Well the Lumatek is not the problem here. The quick cycling of the 240v on and off created high voltage spikes on the sensing circuit in rapid succession which caused it to burn out. It wouldn't have mattered who the manufacturer was, on that type of circuit sensor, it can't handle the rapid and repeated spikes. It can handle 1-2 spikes but 3 or more is likely to kill it. Luckily for you in one sense and unlucky in another, the default setting for those is the 120v rather than 240v. The luckily part is that there is a hard-wired default switch position or you would have lost both sides.  

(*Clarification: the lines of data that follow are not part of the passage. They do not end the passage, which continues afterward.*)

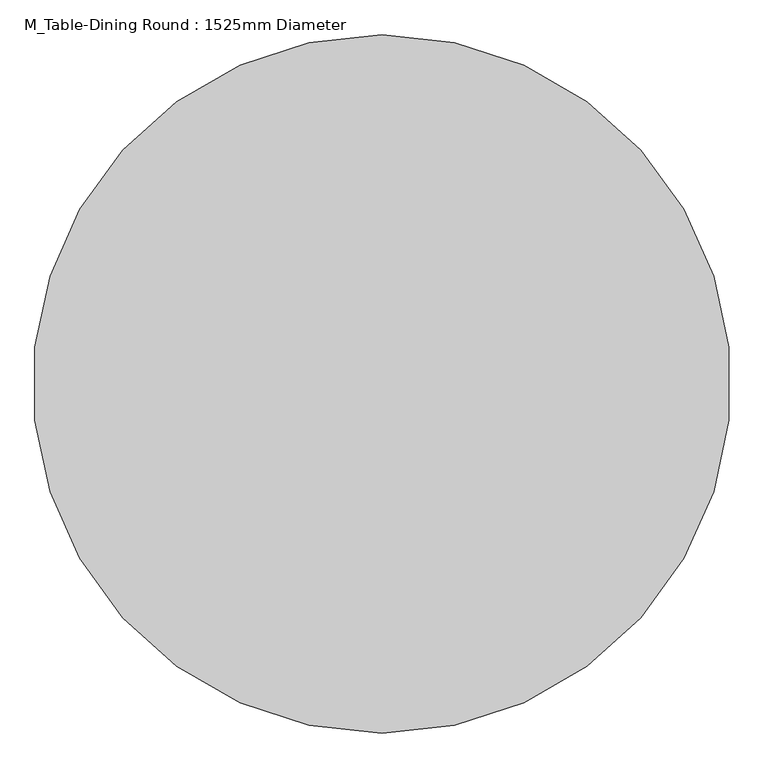
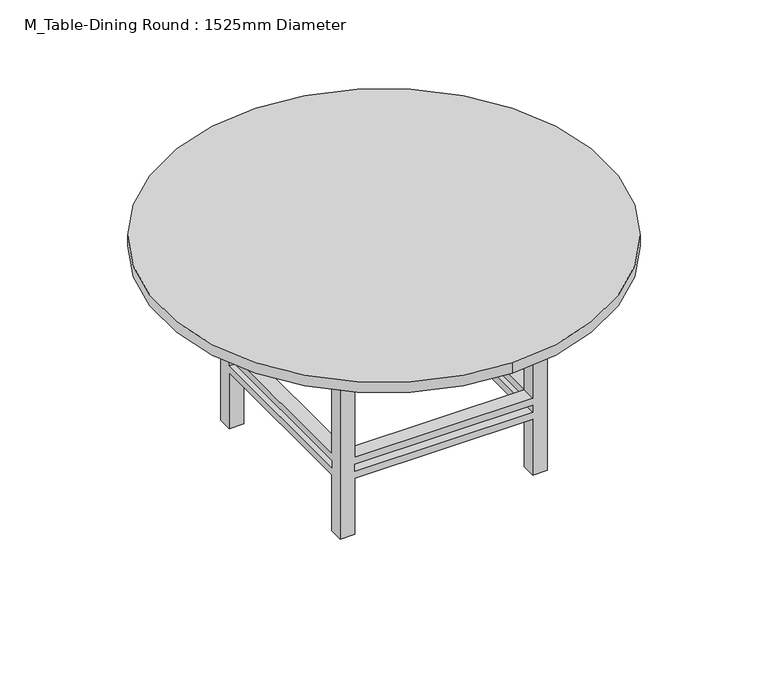
"""IFC4 building model written with IfcOpenShell, lengths in millimetres: furniture geometry, M_Table-Dining Round : 1525mm Diameter."""

from ifc_helpers import new_model, si_unit, point, frame, frame_2d, origin, place, context, project, spatial, polyline, circle_curve, trimmed, segment, composite_curve, outline, extrude, faceted_brep, source, transform, mapped, element, save


def m_table_dining_round_1525mm_diameter_e8096f67(model_context):
    return source(origin(), model_context, "Body", "SolidModel", [
        faceted_brep([(-201.3680328, 170.9713115, 647.7), (-252.1680328, 170.9713115, 647.7), (-252.1680328, 120.1713115, 647.7), (-201.3680328, 120.1713115, 647.7), (408.7319672, 170.9713115, 647.7), (408.7319672, 120.1713115, 647.7), (459.5319672, 120.1713115, 647.7), (459.5319672, 170.9713115, 647.7), (408.7319672, -540.7286885, 647.7), (459.5319672, -540.7286885, 647.7), (459.5319672, -489.9286885, 647.7), (408.7319672, -489.9286885, 647.7), (-201.3680328, -540.7286885, 647.7), (-201.3680328, -489.9286885, 647.7), (-252.1680328, -489.9286885, 647.7), (-252.1680328, -540.7286885, 647.7), (-201.3680328, 170.9713115, 0.0), (-201.3680328, 120.1713115, 0.0), (-252.1680328, 120.1713115, 0.0), (-252.1680328, 170.9713115, 0.0), (408.7319672, 170.9713115, 0.0), (459.5319672, 170.9713115, 0.0), (459.5319672, 120.1713115, 0.0), (408.7319672, 120.1713115, 0.0), (408.7319672, -540.7286885, 0.0), (408.7319672, -489.9286885, 0.0), (459.5319672, -489.9286885, 0.0), (459.5319672, -540.7286885, 0.0), (-201.3680328, -540.7286885, 0.0), (-252.1680328, -540.7286885, 0.0), (-252.1680328, -489.9286885, 0.0), (-201.3680328, -489.9286885, 0.0), (-201.3680328, 170.9713115, 279.4), (408.7319672, 170.9713115, 279.4), (408.7319672, 170.9713115, 203.2), (-201.3680328, 170.9713115, 203.2), (408.7319672, 170.9713115, 228.6), (408.7319672, 170.9713115, 254.0), (-201.3680328, 170.9713115, 254.0), (-201.3680328, 170.9713115, 228.6), (-252.1680328, 120.1713115, 203.2), (-252.1680328, -489.9286885, 203.2), (-252.1680328, -489.9286885, 279.4), (-252.1680328, 120.1713115, 279.4), (-252.1680328, 120.1713115, 228.6), (-252.1680328, 120.1713115, 254.0), (-252.1680328, -489.9286885, 254.0), (-252.1680328, -489.9286885, 228.6), (-201.3680328, 120.1713115, 279.4), (-201.3680328, 120.1713115, 203.2), (-201.3680328, 120.1713115, 228.6), (-201.3680328, 120.1713115, 254.0), (408.7319672, 120.1713115, 279.4), (408.7319672, 120.1713115, 203.2), (408.7319672, 120.1713115, 228.6), (408.7319672, 120.1713115, 254.0), (459.5319672, 120.1713115, 279.4), (459.5319672, 120.1713115, 203.2), (459.5319672, 120.1713115, 228.6), (459.5319672, 120.1713115, 254.0), (459.5319672, -489.9286885, 279.4), (459.5319672, -489.9286885, 203.2), (459.5319672, -489.9286885, 228.6), (459.5319672, -489.9286885, 254.0), (408.7319672, -540.7286885, 279.4), (-201.3680328, -540.7286885, 279.4), (-201.3680328, -540.7286885, 203.2), (408.7319672, -540.7286885, 203.2), (-201.3680328, -540.7286885, 228.6), (-201.3680328, -540.7286885, 254.0), (408.7319672, -540.7286885, 254.0), (408.7319672, -540.7286885, 228.6), (408.7319672, -489.9286885, 279.4), (408.7319672, -489.9286885, 203.2), (408.7319672, -489.9286885, 228.6), (408.7319672, -489.9286885, 254.0), (-201.3680328, -489.9286885, 279.4), (-201.3680328, -489.9286885, 203.2), (-201.3680328, -489.9286885, 228.6), (-201.3680328, -489.9286885, 254.0)], [[[0, 1, 2, 3]], [[4, 5, 6, 7]], [[8, 9, 10, 11]], [[12, 13, 14, 15]], [[16, 17, 18, 19]], [[20, 21, 22, 23]], [[24, 25, 26, 27]], [[28, 29, 30, 31]], [[1, 0, 32, 33, 4, 7, 21, 20, 34, 35, 16, 19], [36, 37, 38, 39]], [[2, 1, 19, 18, 40, 41, 30, 29, 15, 14, 42, 43], [44, 45, 46, 47]], [[3, 2, 43, 48]], [[18, 17, 49, 40]], [[44, 50, 51, 45]], [[0, 3, 48, 32]], [[17, 16, 35, 49]], [[50, 39, 38, 51]], [[5, 4, 33, 52]], [[20, 23, 53, 34]], [[36, 54, 55, 37]], [[6, 5, 52, 56]], [[23, 22, 57, 53]], [[54, 58, 59, 55]], [[21, 7, 6, 56, 60, 10, 9, 27, 26, 61, 57, 22], [62, 63, 59, 58]], [[27, 9, 8, 64, 65, 12, 15, 29, 28, 66, 67, 24], [68, 69, 70, 71]], [[11, 10, 60, 72]], [[26, 25, 73, 61]], [[62, 74, 75, 63]], [[8, 11, 72, 64]], [[25, 24, 67, 73]], [[74, 71, 70, 75]], [[13, 12, 65, 76]], [[28, 31, 77, 66]], [[68, 78, 79, 69]], [[14, 13, 76, 42]], [[31, 30, 41, 77]], [[78, 47, 46, 79]], [[54, 74, 62, 58]], [[74, 78, 68, 71]], [[78, 50, 44, 47]], [[50, 54, 36, 39]], [[53, 49, 35, 34]], [[49, 77, 41, 40]], [[77, 73, 67, 66]], [[73, 53, 57, 61]], [[74, 54, 53, 73]], [[78, 74, 73, 77]], [[50, 78, 77, 49]], [[54, 50, 49, 53]], [[52, 72, 60, 56]], [[72, 76, 65, 64]], [[76, 48, 43, 42]], [[48, 52, 33, 32]], [[55, 51, 38, 37]], [[51, 79, 46, 45]], [[79, 75, 70, 69]], [[75, 55, 59, 63]], [[72, 52, 55, 75]], [[76, 72, 75, 79]], [[48, 76, 79, 51]], [[52, 48, 51, 55]]]),
        extrude(outline(polyline([(484.9319672, 196.3713115), (484.9319672, -566.1286885), (-277.5680328, -566.1286885), (-277.5680328, 196.3713115), (484.9319672, 196.3713115)]), holes=[polyline([(459.5319672, 170.9713115), (-252.1680328, 170.9713115), (-252.1680328, -540.7286885), (459.5319672, -540.7286885), (459.5319672, 170.9713115)])]), frame((0.0, 0.0, 647.7), z_axis=(0.0, 0.0, 1.0), x_axis=(1.0, 0.0, 0.0)), (0.0, 0.0, 1.0), 76.2),
        extrude(outline(composite_curve([segment(trimmed(circle_curve(frame_2d((103.6819672, -184.8786885)), 762.5), [point((103.6819672, -947.3786885))], [point((103.6819672, 577.6213115))], False, "CARTESIAN"), True, "CONTINUOUS"), segment(trimmed(circle_curve(frame_2d((103.6819672, -184.8786885)), 762.5), [point((103.6819672, 577.6213115))], [point((103.6819672, -947.3786885))], False, "CARTESIAN"), True, "CONTINUOUS")], self_intersect=False)), frame((0.0, 0.0, 723.9), z_axis=(0.0, 0.0, 1.0), x_axis=(1.0, 0.0, 0.0)), (0.0, 0.0, 1.0), 38.1),
    ])


if __name__ == "__main__":
    model = new_model("IFC4")
    model_context = context("Model", 3, world=origin())
    ifc_project = project(units=[si_unit("LENGTHUNIT", "METRE", prefix="MILLI")], contexts=[model_context])
    site = spatial("IfcSite", under=ifc_project)
    building = spatial("IfcBuilding", under=site)
    placement = place(None, origin())
    m_table_dining_round_1525mm_diameter_shape = m_table_dining_round_1525mm_diameter_e8096f67(model_context)
    element("IfcFurniture", 1, ObjectType="M_Table-Dining Round : 1525mm Diameter", at=placement, inside=building, context=model_context, shape_type="MappedRepresentation", body=[
        mapped(m_table_dining_round_1525mm_diameter_shape, transform((0.0, 0.0, 0.0), x_axis=(1.0, 0.0, 0.0), y_axis=(0.0, 1.0, 0.0), z_axis=(0.0, 0.0, 1.0))),
    ])
    save(model, "model.ifc")

# Revit data of these elements
# Type "M_Table-Dining Round : 1525mm Diameter"
#   Diameter = 1.525 m
#   Height = 0.762 m
#   Base Material = Pine
#   Top Material = Laminate, Linen, Matte
# Element 1 (IfcFurniture, "M_Table-Dining Round : 1525mm Diameter")
#   Materials on its faces: "Pine", "Laminate, Linen, Matte"
# Materials
#   "Pine": class "Wood", colour RGB 223 192 134, transparency 0, Description = "Pinus Echinata", Cost = 0
#   "Laminate, Linen, Matte": class "Plastic", colour RGB 249 239 230, transparency 0, Description = "Laminado de plástico - Lino, mate", Cost = 0

I can't remember if that ballast is encased in resin or if it is open circuits for cooling. If it is open circuit then it can be repaired. I would contact Lumatek and ask them about it.


----------



## lovbnstoned (Apr 7, 2013)

nice system,,  hope to have something close to that some day


----------



## shahomy (Apr 8, 2013)

lovbnstoned said:
			
		

> nice system,,  hope to have something close to that some day


 
Thanks! It`s getting bigger and better at the moment!


----------